● Work required: The lines to copy are those in the listing below that contain the word "Mounting".

Segment Start: Provided material

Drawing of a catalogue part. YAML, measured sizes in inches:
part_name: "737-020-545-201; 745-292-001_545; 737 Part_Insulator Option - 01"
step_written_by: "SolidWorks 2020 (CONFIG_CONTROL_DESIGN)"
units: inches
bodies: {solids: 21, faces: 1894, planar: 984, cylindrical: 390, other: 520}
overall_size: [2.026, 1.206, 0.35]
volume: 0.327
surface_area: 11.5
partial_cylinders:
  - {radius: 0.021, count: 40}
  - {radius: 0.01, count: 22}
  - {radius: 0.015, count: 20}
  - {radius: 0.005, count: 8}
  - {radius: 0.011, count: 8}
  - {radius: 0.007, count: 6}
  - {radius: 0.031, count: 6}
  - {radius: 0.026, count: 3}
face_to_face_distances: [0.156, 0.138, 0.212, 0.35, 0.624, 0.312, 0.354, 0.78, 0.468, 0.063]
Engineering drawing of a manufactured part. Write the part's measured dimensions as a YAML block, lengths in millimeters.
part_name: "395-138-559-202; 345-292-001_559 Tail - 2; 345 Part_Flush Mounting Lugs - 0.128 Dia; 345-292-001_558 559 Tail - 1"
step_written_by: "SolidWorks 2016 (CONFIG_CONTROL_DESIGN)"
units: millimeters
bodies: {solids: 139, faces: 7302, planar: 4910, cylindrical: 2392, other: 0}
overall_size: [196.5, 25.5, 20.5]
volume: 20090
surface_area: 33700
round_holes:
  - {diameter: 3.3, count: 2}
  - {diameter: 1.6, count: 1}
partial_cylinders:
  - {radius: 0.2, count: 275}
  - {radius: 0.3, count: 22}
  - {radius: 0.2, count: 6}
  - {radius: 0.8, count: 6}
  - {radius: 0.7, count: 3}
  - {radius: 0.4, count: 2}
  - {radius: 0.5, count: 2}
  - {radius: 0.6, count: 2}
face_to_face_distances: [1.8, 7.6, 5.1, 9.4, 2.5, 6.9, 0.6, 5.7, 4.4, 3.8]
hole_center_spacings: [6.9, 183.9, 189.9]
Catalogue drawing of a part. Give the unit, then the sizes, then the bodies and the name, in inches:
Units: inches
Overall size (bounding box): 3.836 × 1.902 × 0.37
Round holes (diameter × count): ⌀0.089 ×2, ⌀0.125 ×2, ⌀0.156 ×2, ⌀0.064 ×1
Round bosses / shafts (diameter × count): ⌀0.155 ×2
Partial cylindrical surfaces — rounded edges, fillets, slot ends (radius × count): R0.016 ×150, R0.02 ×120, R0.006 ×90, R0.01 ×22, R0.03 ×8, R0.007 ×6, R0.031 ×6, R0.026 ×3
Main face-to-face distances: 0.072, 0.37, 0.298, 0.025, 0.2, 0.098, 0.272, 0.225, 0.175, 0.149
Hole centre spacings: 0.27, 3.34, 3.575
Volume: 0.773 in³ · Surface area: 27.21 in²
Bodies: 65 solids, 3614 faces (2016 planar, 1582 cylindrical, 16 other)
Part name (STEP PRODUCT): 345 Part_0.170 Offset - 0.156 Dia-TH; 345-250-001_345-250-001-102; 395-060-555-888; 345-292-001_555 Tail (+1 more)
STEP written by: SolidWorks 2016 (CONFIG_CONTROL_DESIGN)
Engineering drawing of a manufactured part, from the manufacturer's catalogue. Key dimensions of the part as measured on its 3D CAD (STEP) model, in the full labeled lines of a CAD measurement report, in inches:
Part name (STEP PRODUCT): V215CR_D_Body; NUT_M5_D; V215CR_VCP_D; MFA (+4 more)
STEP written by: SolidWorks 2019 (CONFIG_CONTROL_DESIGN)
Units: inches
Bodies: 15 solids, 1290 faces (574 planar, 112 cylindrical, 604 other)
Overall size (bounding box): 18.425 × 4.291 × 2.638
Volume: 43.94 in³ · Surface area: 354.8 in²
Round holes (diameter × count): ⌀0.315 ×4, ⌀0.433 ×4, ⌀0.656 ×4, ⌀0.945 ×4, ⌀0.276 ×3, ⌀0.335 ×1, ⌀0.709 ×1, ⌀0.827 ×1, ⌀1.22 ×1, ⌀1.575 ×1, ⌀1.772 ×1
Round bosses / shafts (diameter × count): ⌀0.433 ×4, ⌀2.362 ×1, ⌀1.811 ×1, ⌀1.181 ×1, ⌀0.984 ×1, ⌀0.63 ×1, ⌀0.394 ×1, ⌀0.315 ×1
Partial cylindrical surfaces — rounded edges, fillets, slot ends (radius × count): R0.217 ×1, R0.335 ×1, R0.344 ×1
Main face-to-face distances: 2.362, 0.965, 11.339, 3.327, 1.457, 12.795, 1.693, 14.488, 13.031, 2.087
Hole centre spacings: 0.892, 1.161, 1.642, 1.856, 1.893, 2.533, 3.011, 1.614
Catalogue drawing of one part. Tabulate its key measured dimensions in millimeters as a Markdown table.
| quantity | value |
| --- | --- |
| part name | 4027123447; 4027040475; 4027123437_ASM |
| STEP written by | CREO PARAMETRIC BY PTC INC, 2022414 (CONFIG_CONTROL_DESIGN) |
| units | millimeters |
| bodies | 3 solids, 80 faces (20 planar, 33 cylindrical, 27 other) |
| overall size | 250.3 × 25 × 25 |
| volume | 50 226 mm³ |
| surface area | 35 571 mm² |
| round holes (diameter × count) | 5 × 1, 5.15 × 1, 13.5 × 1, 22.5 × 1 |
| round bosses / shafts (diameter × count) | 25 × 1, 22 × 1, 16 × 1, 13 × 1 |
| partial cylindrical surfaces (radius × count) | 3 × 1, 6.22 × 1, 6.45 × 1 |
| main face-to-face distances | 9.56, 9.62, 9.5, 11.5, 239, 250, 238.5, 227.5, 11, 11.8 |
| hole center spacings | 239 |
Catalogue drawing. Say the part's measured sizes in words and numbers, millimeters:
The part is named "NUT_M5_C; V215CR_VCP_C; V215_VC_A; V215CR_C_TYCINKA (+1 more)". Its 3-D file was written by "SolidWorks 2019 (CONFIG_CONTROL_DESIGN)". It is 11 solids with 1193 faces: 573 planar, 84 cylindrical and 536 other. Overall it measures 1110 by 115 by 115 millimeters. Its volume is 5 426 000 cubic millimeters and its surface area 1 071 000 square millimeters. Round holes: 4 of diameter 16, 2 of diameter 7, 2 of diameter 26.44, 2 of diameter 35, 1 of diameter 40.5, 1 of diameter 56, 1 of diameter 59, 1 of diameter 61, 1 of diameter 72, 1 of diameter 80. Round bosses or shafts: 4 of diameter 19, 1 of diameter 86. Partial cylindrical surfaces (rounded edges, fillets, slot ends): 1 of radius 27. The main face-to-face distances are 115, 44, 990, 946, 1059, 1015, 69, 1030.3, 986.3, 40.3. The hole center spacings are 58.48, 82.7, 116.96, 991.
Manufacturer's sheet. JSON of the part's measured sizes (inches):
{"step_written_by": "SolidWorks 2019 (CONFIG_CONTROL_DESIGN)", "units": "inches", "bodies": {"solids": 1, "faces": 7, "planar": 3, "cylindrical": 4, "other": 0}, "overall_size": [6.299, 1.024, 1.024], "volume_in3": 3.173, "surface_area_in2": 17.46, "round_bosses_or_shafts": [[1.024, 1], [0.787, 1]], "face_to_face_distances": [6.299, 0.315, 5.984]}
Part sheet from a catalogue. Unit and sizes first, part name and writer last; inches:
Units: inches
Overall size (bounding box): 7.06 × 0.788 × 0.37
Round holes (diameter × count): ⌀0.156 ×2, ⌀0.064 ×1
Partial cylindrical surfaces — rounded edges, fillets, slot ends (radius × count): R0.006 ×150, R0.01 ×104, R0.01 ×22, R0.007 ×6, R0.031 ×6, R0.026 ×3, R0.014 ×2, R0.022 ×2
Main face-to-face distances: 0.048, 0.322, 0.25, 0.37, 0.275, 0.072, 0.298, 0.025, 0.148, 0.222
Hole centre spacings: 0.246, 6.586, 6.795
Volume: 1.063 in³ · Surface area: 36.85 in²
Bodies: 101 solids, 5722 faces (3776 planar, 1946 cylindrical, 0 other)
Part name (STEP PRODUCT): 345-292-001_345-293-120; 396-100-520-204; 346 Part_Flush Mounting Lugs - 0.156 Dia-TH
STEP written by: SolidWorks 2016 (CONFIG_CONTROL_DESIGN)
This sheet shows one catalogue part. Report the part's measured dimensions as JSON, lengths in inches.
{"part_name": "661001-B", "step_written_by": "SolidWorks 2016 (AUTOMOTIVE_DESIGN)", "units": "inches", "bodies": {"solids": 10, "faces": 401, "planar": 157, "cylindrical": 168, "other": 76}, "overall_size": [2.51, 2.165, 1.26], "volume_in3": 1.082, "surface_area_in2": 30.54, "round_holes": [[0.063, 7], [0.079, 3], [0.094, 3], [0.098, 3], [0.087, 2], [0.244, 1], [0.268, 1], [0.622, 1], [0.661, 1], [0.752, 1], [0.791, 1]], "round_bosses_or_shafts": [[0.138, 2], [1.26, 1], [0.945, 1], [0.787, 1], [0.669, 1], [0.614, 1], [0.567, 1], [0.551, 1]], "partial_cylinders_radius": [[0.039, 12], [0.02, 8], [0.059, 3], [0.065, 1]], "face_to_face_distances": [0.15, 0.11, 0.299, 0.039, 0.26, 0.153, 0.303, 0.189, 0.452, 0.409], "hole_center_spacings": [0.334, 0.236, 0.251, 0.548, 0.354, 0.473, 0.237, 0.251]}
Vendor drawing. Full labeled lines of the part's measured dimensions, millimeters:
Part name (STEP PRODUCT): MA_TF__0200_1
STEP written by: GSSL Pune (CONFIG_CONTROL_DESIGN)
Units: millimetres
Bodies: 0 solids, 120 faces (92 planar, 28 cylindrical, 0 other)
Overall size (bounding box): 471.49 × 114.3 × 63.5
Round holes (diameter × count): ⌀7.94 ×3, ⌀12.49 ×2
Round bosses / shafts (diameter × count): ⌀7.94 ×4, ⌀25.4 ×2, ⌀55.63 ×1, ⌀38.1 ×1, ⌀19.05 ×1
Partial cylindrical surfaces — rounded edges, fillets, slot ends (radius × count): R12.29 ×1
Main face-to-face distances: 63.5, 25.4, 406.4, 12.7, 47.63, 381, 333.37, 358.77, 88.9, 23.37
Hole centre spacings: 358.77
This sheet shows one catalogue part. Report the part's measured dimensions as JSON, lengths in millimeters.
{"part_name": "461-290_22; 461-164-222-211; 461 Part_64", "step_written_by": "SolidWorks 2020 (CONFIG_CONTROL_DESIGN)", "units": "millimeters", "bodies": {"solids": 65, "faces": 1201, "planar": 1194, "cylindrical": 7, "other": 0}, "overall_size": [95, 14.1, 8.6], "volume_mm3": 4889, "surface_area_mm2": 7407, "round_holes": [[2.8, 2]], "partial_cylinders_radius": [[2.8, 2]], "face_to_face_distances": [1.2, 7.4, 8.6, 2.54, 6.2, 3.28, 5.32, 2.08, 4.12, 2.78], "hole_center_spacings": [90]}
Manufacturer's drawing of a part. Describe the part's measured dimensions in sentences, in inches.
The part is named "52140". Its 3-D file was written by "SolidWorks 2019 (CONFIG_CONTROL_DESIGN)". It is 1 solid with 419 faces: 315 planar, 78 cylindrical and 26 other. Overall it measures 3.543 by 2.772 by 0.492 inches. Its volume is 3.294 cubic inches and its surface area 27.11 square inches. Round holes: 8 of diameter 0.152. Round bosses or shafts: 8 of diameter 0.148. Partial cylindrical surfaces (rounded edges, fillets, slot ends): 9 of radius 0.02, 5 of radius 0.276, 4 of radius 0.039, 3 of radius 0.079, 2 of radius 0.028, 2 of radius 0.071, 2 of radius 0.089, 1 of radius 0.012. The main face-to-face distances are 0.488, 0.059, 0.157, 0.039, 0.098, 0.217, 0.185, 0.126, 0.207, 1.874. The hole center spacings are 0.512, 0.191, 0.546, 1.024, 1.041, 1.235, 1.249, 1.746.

Segment End: Provided material

● Answer to the problem:
part_name: "395-138-559-202; 345-292-001_559 Tail - 2; 345 Part_Flush Mounting Lugs - 0.128 Dia; 345-292-001_558 559 Tail - 1"
Part name (STEP PRODUCT): 345-292-001_345-293-120; 396-100-520-204; 346 Part_Flush Mounting Lugs - 0.156 Dia-TH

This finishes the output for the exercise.